PROBLEM DESCRIPTION: Copy out exactly the lines below that run from the one holding "#540 = LINE ( 'NONE', #861, #64 ) ;" to the one holding "#576 = DIRECTION", keeping both of those lines and no others.
─── RECORDED INFORMATION ───
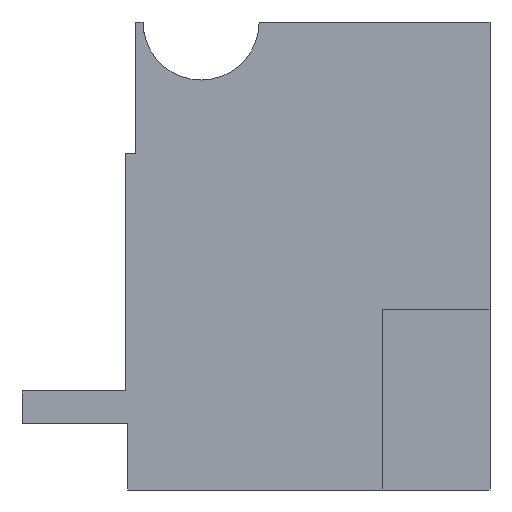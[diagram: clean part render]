
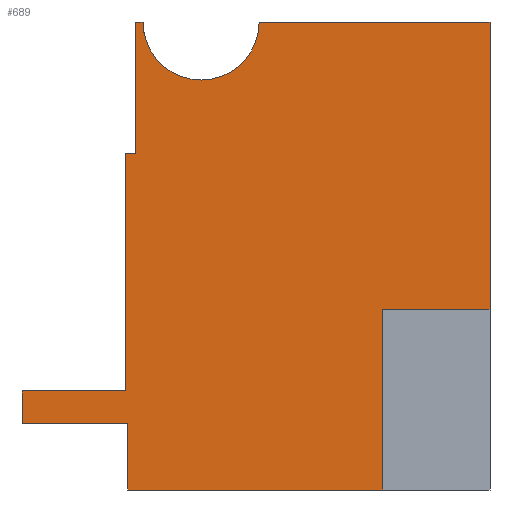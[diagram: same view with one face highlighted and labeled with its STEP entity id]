
A CAD part, front view. The second image highlights one B-rep face of the part: STEP entity #689.
In plain terms, the highlighted planar face has unit normal (0, -1, 0).
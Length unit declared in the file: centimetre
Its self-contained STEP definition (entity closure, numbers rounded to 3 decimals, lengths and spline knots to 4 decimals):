
#4 = DIRECTION ( 'NONE',  ( 1., 0., 0. ) ) ;
#33 = VERTEX_POINT ( 'NONE', #168 ) ;
#40 = EDGE_CURVE ( 'NONE', #662, #926, #389, .T. ) ;
#45 = EDGE_CURVE ( 'NONE', #614, #662, #691, .T. ) ;
#48 = CIRCLE ( 'NONE', #277, 123.9786 ) ;
#49 = ORIENTED_EDGE ( 'NONE', *, *, #205, .F. ) ;
#56 = DIRECTION ( 'NONE',  ( 0., 0., -1. ) ) ;
#58 = ORIENTED_EDGE ( 'NONE', *, *, #40, .T. ) ;
#64 = VECTOR ( 'NONE', #142, 100. ) ;
#72 = CARTESIAN_POINT ( 'NONE',  ( 0., 0., 1000. ) ) ;
#75 = VERTEX_POINT ( 'NONE', #79 ) ;
#79 = CARTESIAN_POINT ( 'NONE',  ( 258.6595, 0., 1000. ) ) ;
#91 = EDGE_CURVE ( 'NONE', #33, #490, #624, .T. ) ;
#92 = CARTESIAN_POINT ( 'NONE',  ( 0., 0., 211.6082 ) ) ;
#95 = ORIENTED_EDGE ( 'NONE', *, *, #413, .F. ) ;
#98 = VECTOR ( 'NONE', #468, 100. ) ;
#114 = VECTOR ( 'NONE', #231, 100. ) ;
#117 = AXIS2_PLACEMENT_3D ( 'NONE', #580, #652, #346 ) ;
#131 = ORIENTED_EDGE ( 'NONE', *, *, #431, .F. ) ;
#142 = DIRECTION ( 'NONE',  ( 0., 0., -1. ) ) ;
#145 = VERTEX_POINT ( 'NONE', #873 ) ;
#148 = DIRECTION ( 'NONE',  ( 0., 0., 1. ) ) ;
#149 = AXIS2_PLACEMENT_3D ( 'NONE', #688, #922, #670 ) ;
#164 = VECTOR ( 'NONE', #4, 100. ) ;
#168 = CARTESIAN_POINT ( 'NONE',  ( 1000., 0., 1000. ) ) ;
#183 = LINE ( 'NONE', #648, #551 ) ;
#205 = EDGE_CURVE ( 'NONE', #490, #329, #423, .T. ) ;
#206 = CARTESIAN_POINT ( 'NONE',  ( 242.9511, 0., 1000. ) ) ;
#216 = ORIENTED_EDGE ( 'NONE', *, *, #630, .F. ) ;
#224 = CARTESIAN_POINT ( 'NONE',  ( 220.6752, 0., 718.1263 ) ) ;
#225 = VECTOR ( 'NONE', #547, 100. ) ;
#231 = DIRECTION ( 'NONE',  ( 0., 0., -1. ) ) ;
#251 = CARTESIAN_POINT ( 'NONE',  ( 0., 0., 0. ) ) ;
#265 = PLANE ( 'NONE',  #117 ) ;
#270 = EDGE_CURVE ( 'NONE', #1003, #371, #183, .T. ) ;
#273 = CARTESIAN_POINT ( 'NONE',  ( 770.5022, 0., 386.5761 ) ) ;
#277 = AXIS2_PLACEMENT_3D ( 'NONE', #839, #524, #56 ) ;
#297 = EDGE_LOOP ( 'NONE', ( #900, #95, #49, #465, #535, #131, #530, #775, #671, #825, #562, #216, #301, #58, #522 ) ) ;
#301 = ORIENTED_EDGE ( 'NONE', *, *, #45, .T. ) ;
#303 = VERTEX_POINT ( 'NONE', #973 ) ;
#318 = LINE ( 'NONE', #714, #567 ) ;
#324 = VECTOR ( 'NONE', #594, 100. ) ;
#329 = VERTEX_POINT ( 'NONE', #273 ) ;
#331 = EDGE_CURVE ( 'NONE', #926, #145, #584, .T. ) ;
#346 = DIRECTION ( 'NONE',  ( 0., 0., 1. ) ) ;
#356 = CARTESIAN_POINT ( 'NONE',  ( 0., 0., 141.7144 ) ) ;
#371 = VERTEX_POINT ( 'NONE', #224 ) ;
#389 = LINE ( 'NONE', #478, #164 ) ;
#397 = CARTESIAN_POINT ( 'NONE',  ( 382.6381, 0., 876.0214 ) ) ;
#402 = EDGE_CURVE ( 'NONE', #724, #75, #463, .T. ) ;
#413 = EDGE_CURVE ( 'NONE', #329, #832, #540, .T. ) ;
#423 = LINE ( 'NONE', #821, #957 ) ;
#424 = EDGE_CURVE ( 'NONE', #303, #371, #446, .T. ) ;
#431 = EDGE_CURVE ( 'NONE', #620, #770, #890, .T. ) ;
#433 = VECTOR ( 'NONE', #495, 100. ) ;
#446 = LINE ( 'NONE', #846, #923 ) ;
#463 = LINE ( 'NONE', #72, #98 ) ;
#465 = ORIENTED_EDGE ( 'NONE', *, *, #91, .F. ) ;
#468 = DIRECTION ( 'NONE',  ( 1., 0., 0. ) ) ;
#478 = CARTESIAN_POINT ( 'NONE',  ( 0., 0., 141.7144 ) ) ;
#490 = VERTEX_POINT ( 'NONE', #872 ) ;
#495 = DIRECTION ( 'NONE',  ( 1., 0., 0. ) ) ;
#509 = CARTESIAN_POINT ( 'NONE',  ( 226.0846, 0., 141.7144 ) ) ;
#517 = CARTESIAN_POINT ( 'NONE',  ( 506.6166, 0., 1000. ) ) ;
#522 = ORIENTED_EDGE ( 'NONE', *, *, #331, .T. ) ;
#524 = DIRECTION ( 'NONE',  ( 0., -1., 0. ) ) ;
#527 = EDGE_CURVE ( 'NONE', #724, #1003, #318, .T. ) ;
#530 = ORIENTED_EDGE ( 'NONE', *, *, #802, .F. ) ;
#535 = ORIENTED_EDGE ( 'NONE', *, *, #715, .F. ) ;
#540 = LINE ( 'NONE', #861, #64 ) ;
#547 = DIRECTION ( 'NONE',  ( 0., 0., -1. ) ) ;
#551 = VECTOR ( 'NONE', #576, 100. ) ;
#562 = ORIENTED_EDGE ( 'NONE', *, *, #424, .F. ) ;
#567 = VECTOR ( 'NONE', #632, 100. ) ;
#576 = DIRECTION ( 'NONE',  ( -1., 0., 0. ) ) ;
#580 = CARTESIAN_POINT ( 'NONE',  ( 0., 0., 1000. ) ) ;
#584 = LINE ( 'NONE', #893, #114 ) ;
#587 = CARTESIAN_POINT ( 'NONE',  ( 770.5022, 0., 0. ) ) ;
#594 = DIRECTION ( 'NONE',  ( 1., 0., 0. ) ) ;
#599 = EDGE_CURVE ( 'NONE', #145, #832, #640, .T. ) ;
#614 = VERTEX_POINT ( 'NONE', #92 ) ;
#617 = DIRECTION ( 'NONE',  ( 0., 0., -1. ) ) ;
#620 = VERTEX_POINT ( 'NONE', #397 ) ;
#624 = LINE ( 'NONE', #930, #225 ) ;
#628 = LINE ( 'NONE', #709, #765 ) ;
#630 = EDGE_CURVE ( 'NONE', #614, #303, #628, .T. ) ;
#632 = DIRECTION ( 'NONE',  ( 0., 0., -1. ) ) ;
#640 = LINE ( 'NONE', #251, #433 ) ;
#648 = CARTESIAN_POINT ( 'NONE',  ( 0., 0., 718.1263 ) ) ;
#652 = DIRECTION ( 'NONE',  ( 0., 1., 0. ) ) ;
#662 = VERTEX_POINT ( 'NONE', #356 ) ;
#670 = DIRECTION ( 'NONE',  ( 0., 0., -1. ) ) ;
#671 = ORIENTED_EDGE ( 'NONE', *, *, #527, .T. ) ;
#688 = CARTESIAN_POINT ( 'NONE',  ( 382.6381, 0., 1000. ) ) ;
#689 = ADVANCED_FACE ( 'NONE', ( #812 ), #265, .F. ) ;
#691 = LINE ( 'NONE', #791, #783 ) ;
#709 = CARTESIAN_POINT ( 'NONE',  ( 220.6752, 0., 211.6082 ) ) ;
#714 = CARTESIAN_POINT ( 'NONE',  ( 242.9511, 0., 718.1263 ) ) ;
#715 = EDGE_CURVE ( 'NONE', #770, #33, #967, .T. ) ;
#720 = DIRECTION ( 'NONE',  ( 1., 0., 0. ) ) ;
#724 = VERTEX_POINT ( 'NONE', #206 ) ;
#765 = VECTOR ( 'NONE', #720, 100. ) ;
#767 = CARTESIAN_POINT ( 'NONE',  ( 242.9511, 0., 718.1263 ) ) ;
#770 = VERTEX_POINT ( 'NONE', #517 ) ;
#775 = ORIENTED_EDGE ( 'NONE', *, *, #402, .F. ) ;
#783 = VECTOR ( 'NONE', #617, 100. ) ;
#791 = CARTESIAN_POINT ( 'NONE',  ( 0., 0., 1000. ) ) ;
#802 = EDGE_CURVE ( 'NONE', #75, #620, #48, .T. ) ;
#812 = FACE_OUTER_BOUND ( 'NONE', #297, .T. ) ;
#821 = CARTESIAN_POINT ( 'NONE',  ( 770.5022, 0., 386.5761 ) ) ;
#825 = ORIENTED_EDGE ( 'NONE', *, *, #270, .T. ) ;
#832 = VERTEX_POINT ( 'NONE', #587 ) ;
#839 = CARTESIAN_POINT ( 'NONE',  ( 382.6381, 0., 1000. ) ) ;
#846 = CARTESIAN_POINT ( 'NONE',  ( 220.6752, 0., 211.6082 ) ) ;
#861 = CARTESIAN_POINT ( 'NONE',  ( 770.5022, 0., 386.5761 ) ) ;
#872 = CARTESIAN_POINT ( 'NONE',  ( 1000., 0., 386.5761 ) ) ;
#873 = CARTESIAN_POINT ( 'NONE',  ( 226.0846, 0., 0. ) ) ;
#890 = CIRCLE ( 'NONE', #149, 123.9786 ) ;
#893 = CARTESIAN_POINT ( 'NONE',  ( 226.0846, 0., 0. ) ) ;
#900 = ORIENTED_EDGE ( 'NONE', *, *, #599, .T. ) ;
#922 = DIRECTION ( 'NONE',  ( 0., -1., 0. ) ) ;
#923 = VECTOR ( 'NONE', #148, 100. ) ;
#926 = VERTEX_POINT ( 'NONE', #509 ) ;
#930 = CARTESIAN_POINT ( 'NONE',  ( 1000., 0., 1000. ) ) ;
#957 = VECTOR ( 'NONE', #969, 100. ) ;
#967 = LINE ( 'NONE', #970, #324 ) ;
#969 = DIRECTION ( 'NONE',  ( -1., 0., 0. ) ) ;
#970 = CARTESIAN_POINT ( 'NONE',  ( 0., 0., 1000. ) ) ;
#973 = CARTESIAN_POINT ( 'NONE',  ( 220.6752, 0., 211.6082 ) ) ;
#1003 = VERTEX_POINT ( 'NONE', #767 ) ;
───
YOUR SOLUTION:
#540 = LINE ( 'NONE', #861, #64 ) ;
#547 = DIRECTION ( 'NONE',  ( 0., 0., -1. ) ) ;
#551 = VECTOR ( 'NONE', #576, 100. ) ;
#562 = ORIENTED_EDGE ( 'NONE', *, *, #424, .F. ) ;
#567 = VECTOR ( 'NONE', #632, 100. ) ;
#576 = DIRECTION ( 'NONE',  ( -1., 0., 0. ) ) ;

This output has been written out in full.